Но Майя почему-то оставалась равнодушной. После она сказала Фёдору Ивановичу.
— Я догадываюсь, откуда эти инструменты. Бывший заведующий городской аптекой припрятал, а теперь на барахолке разбазаривает государственное имущество.
— Но это возмутительно! — с гневом воскликнул Фёдор Иванович. — Нужно отобрать у него всё аптечное имущество.
— Постараемся, — заверила Майя.
Порой доктору Бушуеву казалось, что город наводнён одними больными людьми. Когда бы ни пришёл он в больницу, в тёмном барачном коридоре уже теснились пациенты, терпеливо ожидая приёма врача. Он готов был сутками не выходить из барака, лишь бы только хоть чем-нибудь помочь каждому. А помогать было трудней и трудней, потому что всё чаще ему доводилось видеть почти совсем забытые болезни — авитаминозы и дистрофии. Фёдор Иванович знал, что для лечения подобных больных лекарство известно всякому — хорошее питание.
Однако назначение такого лекарства прозвучало бы сейчас открытым издевательством, люди в городе сплошь голодали.
Особенно тяжело было принимать истощённых детей. У Фёдора Ивановича сердце ныло от боли и жалости, когда он видел сморщенных, вялых ребятишек, похожих на маленьких старичков. Дети были тихими и неразговорчивыми, а если и отвечали доброму дяденьке доктору, то только шёпотом. Дети — и вдруг шёпотом! А как зазвенели бы ребячьи голоса, если бы накормить… Если бы, например, вон тому пятилетнему мальчику, которого бабушка вновь привела на приём, да назначить бы самое обыкновенное лечение — молоко с вкусным ситным хлебом, да вдоволь дать ему полакомиться сладостями, фруктами — его болезнь, фурункулы, как рукой сняло бы. А то вторую неделю ходит с внуком бабушка в больницу, сама извелась, глядючи на малыша, а цепкая болезнь не отступает.
— Ничего, брат Миша, крепись, Михаил Сергеевич, — подбадривал мальчика Фёдор Иванович, а сам думал о том, сколько, сейчас обездоленных, голодных малышей.
Он открыл ящик стола и достал оттуда завёрнутый в бумагу свой обед — кусок хлеба, намазанный маргарином.
— Ну-ка, брат, возьми для подкрепления, — ласково сказал он, протягивая мальчику хлеб.
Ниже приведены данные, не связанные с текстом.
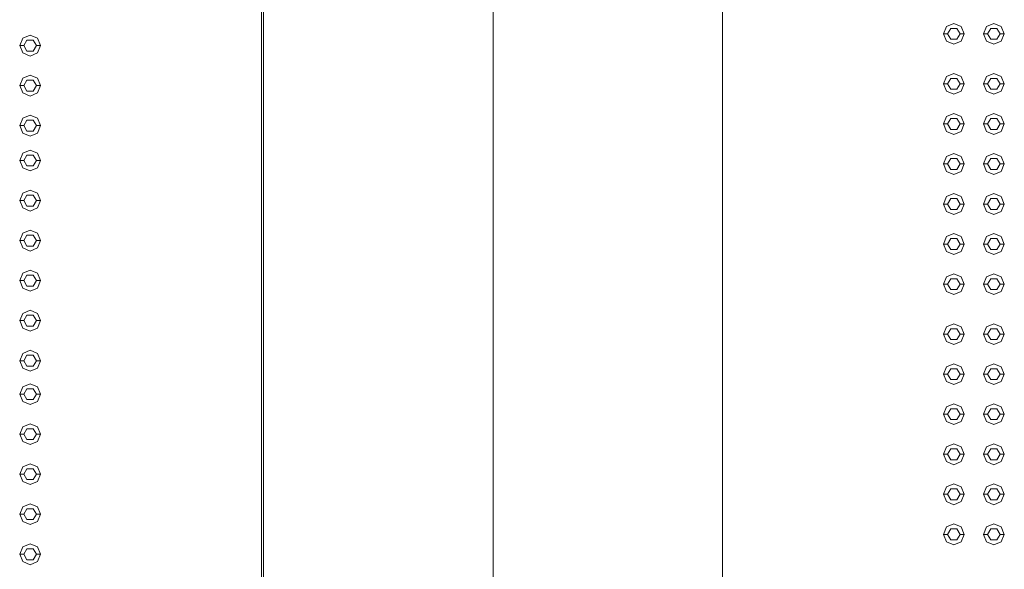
# Model space of a CAD drawing. Header units: millimetres. Extents: x -261 to 187, y -214 to 106.
# Tile 575 of 656: x -215.037 to -213.854, y 8.756 to 9.416. Entities that reach past the tile are written whole.
import ezdxf

# ---------------------------------------------------------------- set-up
doc = ezdxf.new("R2010")
doc.units = ezdxf.units.MM
doc.header["$LTSCALE"] = 0.005
doc.header["$MEASUREMENT"] = 0
for name, color, linetype, lineweight in [('IFC-Elemento construtivo genérico-Contorno', 9, 'Continuous', 5), ('IFC-Escada-Contorno', 9, 'Continuous', 5), ('IFC-Laje-Contorno', 9, 'Continuous', 5)]:
    doc.layers.add(name, color=color, linetype=linetype, lineweight=lineweight)

msp = doc.modelspace()

# ---------------------------------------------------------------- linework, layer by layer
at = {"layer": 'IFC-Elemento construtivo genérico-Contorno', "lineweight": 5}
for p, q in [((-213.9273, 9.3993), (-213.9236, 9.4081)), ((-213.9236, 9.4081), (-213.9147, 9.4118)), ((-213.9222, 9.3993), (-213.9185, 9.4058)), ((-213.9185, 9.4058), (-213.911, 9.4058)), ((-213.9147, 9.4118), (-213.9059, 9.4081)), ((-213.911, 9.4058), (-213.9072, 9.3993)), ((-213.9059, 9.4081), (-213.9022, 9.3993)), ((-213.8792, 9.3993), (-213.8755, 9.4081)), ((-213.8755, 9.4081), (-213.8666, 9.4118)), ((-213.8742, 9.3993), (-213.8704, 9.4058)), ((-213.8704, 9.4058), (-213.8629, 9.4058)), ((-213.8666, 9.4118), (-213.8578, 9.4081)), ((-213.8629, 9.4058), (-213.8591, 9.3993)), ((-213.8578, 9.4081), (-213.8541, 9.3993)), ((-215.0368, 9.3852), (-215.0332, 9.3941)), ((-215.0332, 9.3941), (-215.0243, 9.3978)), ((-215.0318, 9.3852), (-215.0281, 9.3917)), ((-215.0281, 9.3917), (-215.0205, 9.3917)), ((-215.0243, 9.3978), (-215.0154, 9.3941)), ((-215.0205, 9.3917), (-215.0168, 9.3852)), ((-215.0154, 9.3941), (-215.0118, 9.3852)), ((-213.9273, 9.3993), (-213.9222, 9.3993)), ((-213.9273, 9.3993), (-213.9236, 9.3904)), ((-213.9222, 9.3993), (-213.9185, 9.3928)), ((-213.9185, 9.3928), (-213.911, 9.3928)), ((-213.911, 9.3928), (-213.9072, 9.3993)), ((-213.9072, 9.3993), (-213.9022, 9.3993)), ((-213.9059, 9.3904), (-213.9022, 9.3993)), ((-213.8792, 9.3993), (-213.8742, 9.3993)), ((-213.8792, 9.3993), (-213.8755, 9.3904)), ((-213.8742, 9.3993), (-213.8704, 9.3928)), ((-213.8704, 9.3928), (-213.8629, 9.3928)), ((-213.8629, 9.3928), (-213.8591, 9.3993)), ((-213.8591, 9.3993), (-213.8541, 9.3993)), ((-213.8578, 9.3904), (-213.8541, 9.3993)), ((-215.0368, 9.3852), (-215.0318, 9.3852)), ((-215.0368, 9.3852), (-215.0332, 9.3764)), ((-215.0318, 9.3852), (-215.0281, 9.3787)), ((-215.0205, 9.3787), (-215.0168, 9.3852)), ((-215.0168, 9.3852), (-215.0118, 9.3852)), ((-215.0154, 9.3764), (-215.0118, 9.3852)), ((-213.9236, 9.3904), (-213.9147, 9.3868)), ((-213.9147, 9.3868), (-213.9059, 9.3904)), ((-213.8755, 9.3904), (-213.8666, 9.3868)), ((-213.8666, 9.3868), (-213.8578, 9.3904)), ((-215.0332, 9.3764), (-215.0243, 9.3727)), ((-215.0281, 9.3787), (-215.0205, 9.3787)), ((-215.0243, 9.3727), (-215.0154, 9.3764)), ((-215.0368, 9.3371), (-215.0332, 9.346)), ((-215.0332, 9.346), (-215.0243, 9.3497)), ((-215.0318, 9.3371), (-215.0281, 9.3437)), ((-215.0281, 9.3437), (-215.0205, 9.3437)), ((-215.0243, 9.3497), (-215.0154, 9.346)), ((-215.0205, 9.3437), (-215.0168, 9.3371)), ((-215.0154, 9.346), (-215.0118, 9.3371)), ((-213.9273, 9.3392), (-213.9236, 9.348)), ((-213.9236, 9.348), (-213.9147, 9.3517)), ((-213.9222, 9.3392), (-213.9185, 9.3457)), ((-213.9185, 9.3457), (-213.911, 9.3457)), ((-213.9147, 9.3517), (-213.9059, 9.348)), ((-213.911, 9.3457), (-213.9072, 9.3392)), ((-213.9059, 9.348), (-213.9022, 9.3392)), ((-213.8792, 9.3392), (-213.8755, 9.348)), ((-213.8755, 9.348), (-213.8666, 9.3517)), ((-213.8742, 9.3392), (-213.8704, 9.3457)), ((-213.8704, 9.3457), (-213.8629, 9.3457)), ((-213.8666, 9.3517), (-213.8578, 9.348)), ((-213.8629, 9.3457), (-213.8591, 9.3392)), ((-213.8578, 9.348), (-213.8541, 9.3392)), ((-215.0368, 9.3371), (-215.0318, 9.3371)), ((-215.0368, 9.3371), (-215.0332, 9.3283)), ((-215.0318, 9.3371), (-215.0281, 9.3306)), ((-215.0205, 9.3306), (-215.0168, 9.3371)), ((-215.0168, 9.3371), (-215.0118, 9.3371)), ((-215.0154, 9.3283), (-215.0118, 9.3371)), ((-213.9273, 9.3392), (-213.9222, 9.3392)), ((-213.9273, 9.3392), (-213.9236, 9.3303)), ((-213.9222, 9.3392), (-213.9185, 9.3327)), ((-213.9185, 9.3327), (-213.911, 9.3327)), ((-213.911, 9.3327), (-213.9072, 9.3392)), ((-213.9072, 9.3392), (-213.9022, 9.3392)), ((-213.9059, 9.3303), (-213.9022, 9.3392)), ((-213.8792, 9.3392), (-213.8742, 9.3392)), ((-213.8792, 9.3392), (-213.8755, 9.3303)), ((-213.8742, 9.3392), (-213.8704, 9.3327)), ((-213.8704, 9.3327), (-213.8629, 9.3327)), ((-213.8629, 9.3327), (-213.8591, 9.3392)), ((-213.8591, 9.3392), (-213.8541, 9.3392)), ((-213.8578, 9.3303), (-213.8541, 9.3392)), ((-215.0332, 9.3283), (-215.0243, 9.3246)), ((-215.0281, 9.3306), (-215.0205, 9.3306)), ((-215.0243, 9.3246), (-215.0154, 9.3283)), ((-213.9236, 9.3303), (-213.9147, 9.3267)), ((-213.9147, 9.3267), (-213.9059, 9.3303)), ((-213.8755, 9.3303), (-213.8666, 9.3267)), ((-213.8666, 9.3267), (-213.8578, 9.3303)), ((-215.0368, 9.2891), (-215.0332, 9.2979)), ((-215.0332, 9.2979), (-215.0243, 9.3016)), ((-215.0243, 9.3016), (-215.0154, 9.2979)), ((-215.0154, 9.2979), (-215.0118, 9.2891)), ((-213.9273, 9.2911), (-213.9236, 9.2999)), ((-213.9236, 9.2999), (-213.9147, 9.3036)), ((-213.9222, 9.2911), (-213.9185, 9.2976)), ((-213.9185, 9.2976), (-213.911, 9.2976)), ((-213.9147, 9.3036), (-213.9059, 9.2999)), ((-213.911, 9.2976), (-213.9072, 9.2911)), ((-213.9059, 9.2999), (-213.9022, 9.2911)), ((-213.8792, 9.2911), (-213.8755, 9.2999)), ((-213.8755, 9.2999), (-213.8666, 9.3036)), ((-213.8742, 9.2911), (-213.8704, 9.2976)), ((-213.8704, 9.2976), (-213.8629, 9.2976)), ((-213.8666, 9.3036), (-213.8578, 9.2999)), ((-213.8629, 9.2976), (-213.8591, 9.2911)), ((-213.8578, 9.2999), (-213.8541, 9.2911)), ((-215.0368, 9.2891), (-215.0318, 9.2891)), ((-215.0368, 9.2891), (-215.0332, 9.2802)), ((-215.0318, 9.2891), (-215.0281, 9.2956)), ((-215.0318, 9.2891), (-215.0281, 9.2825)), ((-215.0281, 9.2956), (-215.0205, 9.2956)), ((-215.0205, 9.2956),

Миша взглянул на бабушку, точно спрашивая: можно ли взять, потом с неохотой отвернулся от доктора.
— Возьми, внучок, возьми, — разрешила бабушка.
— Экий ты, брат, нерешительный, — улыбнулся доктор.
— Учёный, — всхлипнула бабушка. — Поманил его однажды солдат немецкий куском хлеба. Побежал наш Мишенька. Ребенок ведь, что с него взять. А солдат-то хлеб себе за спину спрятал, а Мишеньку щёлкнул пальцем по носу и загоготал, как гусак.
Мальчик за обе щеки уплетал хлеб и сияющими глазёнками поглядывал на дяденьку доктора.
— Спасибо, Фёдор Иванович, и за хлеб спасибо и за добрые слова спасибо, — церемонно сказала на прощание бабушка.
Фёдор Иванович задержался на приёме дотемна. Уставший, разбитый и подавленный, он сейчас не имел сил добраться до дома — в пустую холодную комнату. В больнице тоже было холодно, но здесь он чувствовал себя лучше.